When Mrs. A verbally attacked me, my head went quiet. I remember thinking after, that I was surprised I wasn’t more upset. It was similar to when I was sitting in the waiting room, listening to the man and woman fighting. My heart was pounding, my stomach hurt, and I felt like throwing up, but inside I was thinking, “Huh, this kind of weird.” She said a lot of mean and ugly things; things I just haven’t been able to move past. And it’s really starting to affect me. A few nights ago, I lashed out at SMF. Every time I know he’s with her, I’ve been upset and hurt, because I felt (feel?) abandoned. I mean, don’t the sacred rules of couplehood and loyalty and all that, demand that he stand by me? Put his foot down? Never talk to her again?

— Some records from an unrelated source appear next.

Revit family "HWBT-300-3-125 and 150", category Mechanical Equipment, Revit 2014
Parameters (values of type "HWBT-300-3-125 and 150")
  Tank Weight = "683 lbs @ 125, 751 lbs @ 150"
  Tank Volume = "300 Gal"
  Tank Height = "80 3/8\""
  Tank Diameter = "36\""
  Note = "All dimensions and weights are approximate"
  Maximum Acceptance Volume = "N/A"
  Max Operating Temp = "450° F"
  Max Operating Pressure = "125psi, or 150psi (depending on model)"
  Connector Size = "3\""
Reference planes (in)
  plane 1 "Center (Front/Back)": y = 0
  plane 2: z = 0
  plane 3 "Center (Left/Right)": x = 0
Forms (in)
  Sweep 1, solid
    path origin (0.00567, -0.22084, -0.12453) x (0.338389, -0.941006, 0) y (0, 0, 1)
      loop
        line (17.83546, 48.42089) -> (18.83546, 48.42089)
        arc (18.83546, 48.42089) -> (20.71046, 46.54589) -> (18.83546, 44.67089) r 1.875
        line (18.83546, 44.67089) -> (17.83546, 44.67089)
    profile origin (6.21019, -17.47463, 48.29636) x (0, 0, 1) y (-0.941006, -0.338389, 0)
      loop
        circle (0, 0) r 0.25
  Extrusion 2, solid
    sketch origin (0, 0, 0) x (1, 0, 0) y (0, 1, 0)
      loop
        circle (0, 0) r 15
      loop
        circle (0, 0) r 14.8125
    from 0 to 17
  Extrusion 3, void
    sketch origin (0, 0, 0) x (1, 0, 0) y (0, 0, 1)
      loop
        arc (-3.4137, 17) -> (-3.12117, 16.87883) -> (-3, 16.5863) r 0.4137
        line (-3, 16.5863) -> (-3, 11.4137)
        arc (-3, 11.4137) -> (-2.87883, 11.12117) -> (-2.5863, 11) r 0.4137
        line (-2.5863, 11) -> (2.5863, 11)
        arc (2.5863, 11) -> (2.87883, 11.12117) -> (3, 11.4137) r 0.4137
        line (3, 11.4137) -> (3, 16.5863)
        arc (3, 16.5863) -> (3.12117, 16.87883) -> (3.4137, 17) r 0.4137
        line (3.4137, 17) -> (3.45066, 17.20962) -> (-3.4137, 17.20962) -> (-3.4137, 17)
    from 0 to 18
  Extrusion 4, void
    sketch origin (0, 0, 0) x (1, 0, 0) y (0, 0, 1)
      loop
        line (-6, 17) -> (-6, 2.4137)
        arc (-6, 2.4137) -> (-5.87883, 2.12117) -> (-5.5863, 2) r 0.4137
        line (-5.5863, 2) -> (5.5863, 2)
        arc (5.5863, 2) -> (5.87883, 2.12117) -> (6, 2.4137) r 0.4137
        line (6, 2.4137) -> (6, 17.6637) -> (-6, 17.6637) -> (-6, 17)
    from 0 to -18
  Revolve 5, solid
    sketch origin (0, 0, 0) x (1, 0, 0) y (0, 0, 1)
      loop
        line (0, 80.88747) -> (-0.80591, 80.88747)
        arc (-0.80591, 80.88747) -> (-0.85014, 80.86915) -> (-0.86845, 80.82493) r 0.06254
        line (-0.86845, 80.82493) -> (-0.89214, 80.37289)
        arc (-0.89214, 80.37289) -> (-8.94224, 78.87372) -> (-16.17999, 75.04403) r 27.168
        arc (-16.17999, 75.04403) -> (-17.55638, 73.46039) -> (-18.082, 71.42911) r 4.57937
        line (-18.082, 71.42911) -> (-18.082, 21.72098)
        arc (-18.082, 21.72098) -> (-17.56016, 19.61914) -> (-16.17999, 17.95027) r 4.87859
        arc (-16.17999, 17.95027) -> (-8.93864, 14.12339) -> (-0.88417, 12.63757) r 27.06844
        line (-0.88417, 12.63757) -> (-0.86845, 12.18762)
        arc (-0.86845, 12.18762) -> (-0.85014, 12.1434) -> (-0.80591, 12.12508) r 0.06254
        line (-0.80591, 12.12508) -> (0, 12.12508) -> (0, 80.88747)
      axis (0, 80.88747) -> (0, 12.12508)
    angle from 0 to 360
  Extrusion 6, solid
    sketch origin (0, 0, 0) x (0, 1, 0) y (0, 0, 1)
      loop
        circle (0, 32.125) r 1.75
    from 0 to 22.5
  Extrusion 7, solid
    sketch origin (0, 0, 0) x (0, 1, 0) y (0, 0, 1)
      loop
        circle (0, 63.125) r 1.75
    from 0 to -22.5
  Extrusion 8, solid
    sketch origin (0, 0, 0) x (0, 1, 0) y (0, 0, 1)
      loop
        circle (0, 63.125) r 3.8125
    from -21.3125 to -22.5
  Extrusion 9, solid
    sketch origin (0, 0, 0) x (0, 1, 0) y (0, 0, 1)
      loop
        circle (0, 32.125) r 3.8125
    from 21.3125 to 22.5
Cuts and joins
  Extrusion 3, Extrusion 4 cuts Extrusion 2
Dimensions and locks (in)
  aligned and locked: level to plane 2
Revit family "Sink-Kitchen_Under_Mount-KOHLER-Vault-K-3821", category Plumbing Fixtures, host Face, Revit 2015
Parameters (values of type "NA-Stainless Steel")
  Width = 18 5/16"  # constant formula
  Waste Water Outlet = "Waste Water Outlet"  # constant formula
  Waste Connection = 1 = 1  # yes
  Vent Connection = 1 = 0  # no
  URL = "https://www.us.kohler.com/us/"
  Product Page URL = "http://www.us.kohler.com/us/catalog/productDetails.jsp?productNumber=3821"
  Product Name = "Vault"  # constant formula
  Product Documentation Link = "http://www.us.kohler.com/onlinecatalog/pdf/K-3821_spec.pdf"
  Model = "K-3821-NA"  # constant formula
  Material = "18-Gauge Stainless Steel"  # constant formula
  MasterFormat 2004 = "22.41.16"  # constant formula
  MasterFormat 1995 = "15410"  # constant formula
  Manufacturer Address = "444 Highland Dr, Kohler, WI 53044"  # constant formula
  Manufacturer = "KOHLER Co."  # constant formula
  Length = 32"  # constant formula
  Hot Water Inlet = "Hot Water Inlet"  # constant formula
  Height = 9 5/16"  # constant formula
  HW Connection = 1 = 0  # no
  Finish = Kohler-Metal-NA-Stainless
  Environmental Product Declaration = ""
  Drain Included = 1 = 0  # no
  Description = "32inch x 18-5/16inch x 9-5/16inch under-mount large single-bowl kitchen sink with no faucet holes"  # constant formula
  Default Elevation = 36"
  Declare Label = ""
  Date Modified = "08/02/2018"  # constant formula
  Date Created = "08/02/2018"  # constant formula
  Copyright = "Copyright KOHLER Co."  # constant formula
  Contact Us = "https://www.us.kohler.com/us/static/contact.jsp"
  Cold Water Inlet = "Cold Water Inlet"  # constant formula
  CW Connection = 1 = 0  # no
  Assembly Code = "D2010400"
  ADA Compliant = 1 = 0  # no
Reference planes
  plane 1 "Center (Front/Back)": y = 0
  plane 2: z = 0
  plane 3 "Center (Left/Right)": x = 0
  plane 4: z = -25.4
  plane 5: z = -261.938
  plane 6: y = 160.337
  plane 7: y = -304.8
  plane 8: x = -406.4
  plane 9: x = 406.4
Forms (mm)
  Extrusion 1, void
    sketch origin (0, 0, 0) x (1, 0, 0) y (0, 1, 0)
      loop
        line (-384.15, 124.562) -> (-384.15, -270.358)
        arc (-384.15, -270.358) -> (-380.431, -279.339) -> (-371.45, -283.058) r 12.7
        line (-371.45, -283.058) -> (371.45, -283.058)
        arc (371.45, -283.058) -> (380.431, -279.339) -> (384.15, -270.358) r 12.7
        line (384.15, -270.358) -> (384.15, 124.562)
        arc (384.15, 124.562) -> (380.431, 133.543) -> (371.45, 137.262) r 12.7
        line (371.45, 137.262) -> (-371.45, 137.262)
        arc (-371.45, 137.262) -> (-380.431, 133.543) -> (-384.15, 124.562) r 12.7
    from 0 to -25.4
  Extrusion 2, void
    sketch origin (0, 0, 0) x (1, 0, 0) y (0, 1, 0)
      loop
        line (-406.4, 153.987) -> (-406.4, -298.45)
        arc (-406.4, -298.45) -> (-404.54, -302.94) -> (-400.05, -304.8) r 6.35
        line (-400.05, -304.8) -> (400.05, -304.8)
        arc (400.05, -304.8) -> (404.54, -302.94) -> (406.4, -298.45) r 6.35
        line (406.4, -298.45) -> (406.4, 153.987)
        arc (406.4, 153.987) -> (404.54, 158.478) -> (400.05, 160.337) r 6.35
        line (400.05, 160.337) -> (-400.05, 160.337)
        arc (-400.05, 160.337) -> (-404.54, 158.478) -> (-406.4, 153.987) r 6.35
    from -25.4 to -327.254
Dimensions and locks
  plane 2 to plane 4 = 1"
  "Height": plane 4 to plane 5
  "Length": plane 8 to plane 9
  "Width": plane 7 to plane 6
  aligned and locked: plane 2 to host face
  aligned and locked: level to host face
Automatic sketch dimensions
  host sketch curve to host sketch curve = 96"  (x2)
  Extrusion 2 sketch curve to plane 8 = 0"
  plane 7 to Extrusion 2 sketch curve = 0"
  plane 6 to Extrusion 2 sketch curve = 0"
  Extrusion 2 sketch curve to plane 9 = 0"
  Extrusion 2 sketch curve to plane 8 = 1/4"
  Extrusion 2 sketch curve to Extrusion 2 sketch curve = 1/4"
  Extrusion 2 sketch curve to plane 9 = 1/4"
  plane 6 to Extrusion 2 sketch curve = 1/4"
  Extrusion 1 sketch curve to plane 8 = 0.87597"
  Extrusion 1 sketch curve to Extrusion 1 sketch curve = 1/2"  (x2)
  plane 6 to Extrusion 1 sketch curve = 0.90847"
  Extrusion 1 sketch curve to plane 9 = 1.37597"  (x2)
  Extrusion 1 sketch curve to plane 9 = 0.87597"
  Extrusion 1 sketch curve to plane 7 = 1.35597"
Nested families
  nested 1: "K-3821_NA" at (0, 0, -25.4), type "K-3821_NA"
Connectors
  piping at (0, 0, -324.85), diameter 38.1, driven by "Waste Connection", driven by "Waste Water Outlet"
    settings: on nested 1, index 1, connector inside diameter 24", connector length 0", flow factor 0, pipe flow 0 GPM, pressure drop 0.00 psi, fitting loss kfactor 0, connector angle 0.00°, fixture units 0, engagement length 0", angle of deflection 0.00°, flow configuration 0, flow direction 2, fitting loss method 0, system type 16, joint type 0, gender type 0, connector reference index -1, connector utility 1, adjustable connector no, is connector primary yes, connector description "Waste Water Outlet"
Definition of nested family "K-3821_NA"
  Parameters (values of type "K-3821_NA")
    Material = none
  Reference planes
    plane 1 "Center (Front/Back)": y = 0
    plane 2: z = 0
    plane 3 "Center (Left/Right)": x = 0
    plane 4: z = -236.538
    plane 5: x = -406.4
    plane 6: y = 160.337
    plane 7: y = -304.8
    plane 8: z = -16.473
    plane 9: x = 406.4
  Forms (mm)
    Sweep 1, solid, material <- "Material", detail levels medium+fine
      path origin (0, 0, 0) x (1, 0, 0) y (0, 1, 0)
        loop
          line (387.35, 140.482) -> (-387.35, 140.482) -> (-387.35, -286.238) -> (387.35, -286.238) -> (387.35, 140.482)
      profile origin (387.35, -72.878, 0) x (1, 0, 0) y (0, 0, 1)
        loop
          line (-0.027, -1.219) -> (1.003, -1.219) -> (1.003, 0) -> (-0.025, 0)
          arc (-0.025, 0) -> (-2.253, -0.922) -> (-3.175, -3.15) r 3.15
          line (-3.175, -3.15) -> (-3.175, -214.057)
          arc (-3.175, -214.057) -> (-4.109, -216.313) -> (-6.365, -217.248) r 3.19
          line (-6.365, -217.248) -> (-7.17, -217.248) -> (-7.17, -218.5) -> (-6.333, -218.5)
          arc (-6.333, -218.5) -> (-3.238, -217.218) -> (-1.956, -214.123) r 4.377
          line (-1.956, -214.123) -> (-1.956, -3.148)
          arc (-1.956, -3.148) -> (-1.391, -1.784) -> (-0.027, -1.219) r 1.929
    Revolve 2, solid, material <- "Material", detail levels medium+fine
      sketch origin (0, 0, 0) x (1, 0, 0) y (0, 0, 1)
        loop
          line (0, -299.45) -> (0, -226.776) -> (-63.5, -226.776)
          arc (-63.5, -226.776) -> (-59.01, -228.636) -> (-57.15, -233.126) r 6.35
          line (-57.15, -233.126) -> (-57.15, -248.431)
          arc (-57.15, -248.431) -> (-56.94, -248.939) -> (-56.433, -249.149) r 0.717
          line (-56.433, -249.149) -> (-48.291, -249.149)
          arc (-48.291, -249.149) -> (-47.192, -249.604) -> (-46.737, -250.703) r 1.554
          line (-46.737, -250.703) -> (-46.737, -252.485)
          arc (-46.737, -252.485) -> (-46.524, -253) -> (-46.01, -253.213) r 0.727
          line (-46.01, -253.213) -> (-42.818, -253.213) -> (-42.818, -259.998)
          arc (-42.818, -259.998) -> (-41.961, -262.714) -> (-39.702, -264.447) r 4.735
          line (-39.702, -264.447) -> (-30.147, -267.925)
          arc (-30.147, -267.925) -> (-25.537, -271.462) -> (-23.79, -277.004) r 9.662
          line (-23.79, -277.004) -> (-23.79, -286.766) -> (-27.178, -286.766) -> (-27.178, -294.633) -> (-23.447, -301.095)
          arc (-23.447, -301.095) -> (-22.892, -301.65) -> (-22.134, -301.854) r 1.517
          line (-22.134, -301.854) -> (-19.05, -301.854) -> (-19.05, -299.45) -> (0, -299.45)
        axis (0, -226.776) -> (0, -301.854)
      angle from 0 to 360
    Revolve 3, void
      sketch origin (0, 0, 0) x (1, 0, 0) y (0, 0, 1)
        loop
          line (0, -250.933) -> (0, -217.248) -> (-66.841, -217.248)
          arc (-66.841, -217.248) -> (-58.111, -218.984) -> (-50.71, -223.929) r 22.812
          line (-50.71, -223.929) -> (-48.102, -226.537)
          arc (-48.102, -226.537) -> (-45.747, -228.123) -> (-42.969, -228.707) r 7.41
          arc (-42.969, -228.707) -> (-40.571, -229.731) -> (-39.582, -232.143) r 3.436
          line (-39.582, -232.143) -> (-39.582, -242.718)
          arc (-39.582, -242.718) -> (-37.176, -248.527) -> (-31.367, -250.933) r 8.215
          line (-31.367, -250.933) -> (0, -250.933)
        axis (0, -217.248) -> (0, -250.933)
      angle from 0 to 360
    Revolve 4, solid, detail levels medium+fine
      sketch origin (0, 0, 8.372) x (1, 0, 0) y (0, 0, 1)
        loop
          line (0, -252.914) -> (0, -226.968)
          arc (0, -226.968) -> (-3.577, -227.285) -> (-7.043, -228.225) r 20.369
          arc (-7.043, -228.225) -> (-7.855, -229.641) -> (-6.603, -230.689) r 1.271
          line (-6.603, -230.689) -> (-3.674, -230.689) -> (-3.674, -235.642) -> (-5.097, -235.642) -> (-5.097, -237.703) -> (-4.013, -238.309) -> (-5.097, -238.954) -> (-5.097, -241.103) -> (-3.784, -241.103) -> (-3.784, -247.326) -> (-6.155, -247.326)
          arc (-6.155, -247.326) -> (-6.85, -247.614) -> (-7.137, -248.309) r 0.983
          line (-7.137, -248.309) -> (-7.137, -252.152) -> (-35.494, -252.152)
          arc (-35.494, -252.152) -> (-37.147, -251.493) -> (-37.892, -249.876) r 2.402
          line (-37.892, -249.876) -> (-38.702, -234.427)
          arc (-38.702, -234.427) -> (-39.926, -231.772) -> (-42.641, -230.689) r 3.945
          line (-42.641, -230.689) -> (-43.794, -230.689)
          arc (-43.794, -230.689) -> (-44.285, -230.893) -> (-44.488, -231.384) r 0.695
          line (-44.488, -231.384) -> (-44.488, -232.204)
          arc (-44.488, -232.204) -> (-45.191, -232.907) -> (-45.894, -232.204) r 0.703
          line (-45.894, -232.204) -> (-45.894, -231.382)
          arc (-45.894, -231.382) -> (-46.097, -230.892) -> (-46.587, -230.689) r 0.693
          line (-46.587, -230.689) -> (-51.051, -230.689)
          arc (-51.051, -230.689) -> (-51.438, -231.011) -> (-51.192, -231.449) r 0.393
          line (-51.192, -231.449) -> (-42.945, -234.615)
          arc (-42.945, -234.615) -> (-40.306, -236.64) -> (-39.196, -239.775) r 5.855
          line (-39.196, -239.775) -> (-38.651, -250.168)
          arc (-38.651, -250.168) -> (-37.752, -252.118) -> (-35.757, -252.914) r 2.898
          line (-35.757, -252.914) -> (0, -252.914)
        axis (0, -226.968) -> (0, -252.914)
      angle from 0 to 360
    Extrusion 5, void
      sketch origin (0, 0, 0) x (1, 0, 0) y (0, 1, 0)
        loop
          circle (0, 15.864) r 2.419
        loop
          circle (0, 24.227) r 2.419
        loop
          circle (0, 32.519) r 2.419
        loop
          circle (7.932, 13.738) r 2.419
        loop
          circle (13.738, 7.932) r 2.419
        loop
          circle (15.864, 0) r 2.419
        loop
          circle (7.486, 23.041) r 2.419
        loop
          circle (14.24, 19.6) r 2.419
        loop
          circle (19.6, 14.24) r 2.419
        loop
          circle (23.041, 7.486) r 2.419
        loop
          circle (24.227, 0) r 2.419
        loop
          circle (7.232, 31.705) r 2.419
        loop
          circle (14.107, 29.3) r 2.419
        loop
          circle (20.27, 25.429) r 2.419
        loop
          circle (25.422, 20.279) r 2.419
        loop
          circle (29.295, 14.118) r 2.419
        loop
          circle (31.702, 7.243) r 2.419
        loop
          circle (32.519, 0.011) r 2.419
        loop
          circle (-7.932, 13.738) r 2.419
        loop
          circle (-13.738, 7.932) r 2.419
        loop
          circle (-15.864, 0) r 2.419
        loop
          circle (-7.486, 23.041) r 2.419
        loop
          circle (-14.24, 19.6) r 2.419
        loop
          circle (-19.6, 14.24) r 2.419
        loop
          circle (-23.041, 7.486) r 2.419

I’ve got all these concepts swirling around in my head. Where do obligation and autonomy meet? Is SMF obligated to share the same boundary as I have? What’s my obligation to Mrs. A as a metamour? What’s my obligation to my larger poly “family” if he continues to see her? Falls in love with her? At this point, I cannot be around her. I don’t feel safe. I have to protect myself, and in doing so, I want to protect those around me, and that includes HIM.
But he doesn’t feel unsafe around her. He simply doesn’t have the same boundary around her behavior that I do. And that is both okay, and not okay. I’ve almost worked through this in my head. Almost.
But not quite.
I sent her a message this week asking her to have coffee. I did it because I was trying to Do Good Poly. (This phrase, Doing Good Poly, is now my nemesis. I think it’s now become a normative set of polyamorous expectations, and I hate it. More on that another day, though.) I did it because I felt obligated to SMF. I did it because I felt obligated even, to my own vision of a comfortable and close poly network.
The same day, the anticipation of having to make nice with her, simply because she’s seeing my partner, made me anxious and tearful and the now-familiar stomach ache came back. I sent her another message. I won’t be meeting with her. I am protecting myself and holding my boundaries. The end.
So now we come back around to Special Man. I sent him this message:
“I’ve been acting under an assumption that I was obligated to make things good with me and A. in the name of good poly, or for the good of our greater poly network. I think it’s something I put on myself, and it’s something that you have put on me in the past with CC and anticipate will put on me in the future with A. Ideally, I want to be friendly with your other partners and with Cc’s partners and with their other partners. I made a huge effort with A. even when I was uncomfortable out of obligation to you and *good poly*. My obligation ended when she made it clear to me that I have some serious and valid! boundaries around cultivating relationships with people whose mental illness causes them to be irrational, abusive, and out of control. And I have been feeling hurt that you don’t have the same boundaries and that isn’t fair to you. You don’t have the same boundaries. You’re OK with her. And that should be okay with me. I need to respect you and your choices while still taking care of myself. And you’ll have to respect my choices. Don’t ask me to hang out with her and don’t give me a hard time when I choose not to come to things, like poly potluck for example. I will not take your relationship with her as disloyalty to me, but you can’t take my purposeful distance from her as disloyalty to either you*or* to polyamory. I know I’m going to miss things and people and opportunities to spend time with you because of my choice, but it’s also because of your choice. And that’s just the way it is. I messaged her last night in a fit of obligation, to see if she wanted to have coffee. Maybe she already told you. But I was wrong. I don’t have to fix this, because I am trying to keep myself happy and healthy.”
Monogamy tells us how we are “supposed” to act and feel. Not being monogamous? Well, that’s a whole different ballgame.
Most of the time I don’t even feel like I’m playing ball, at all.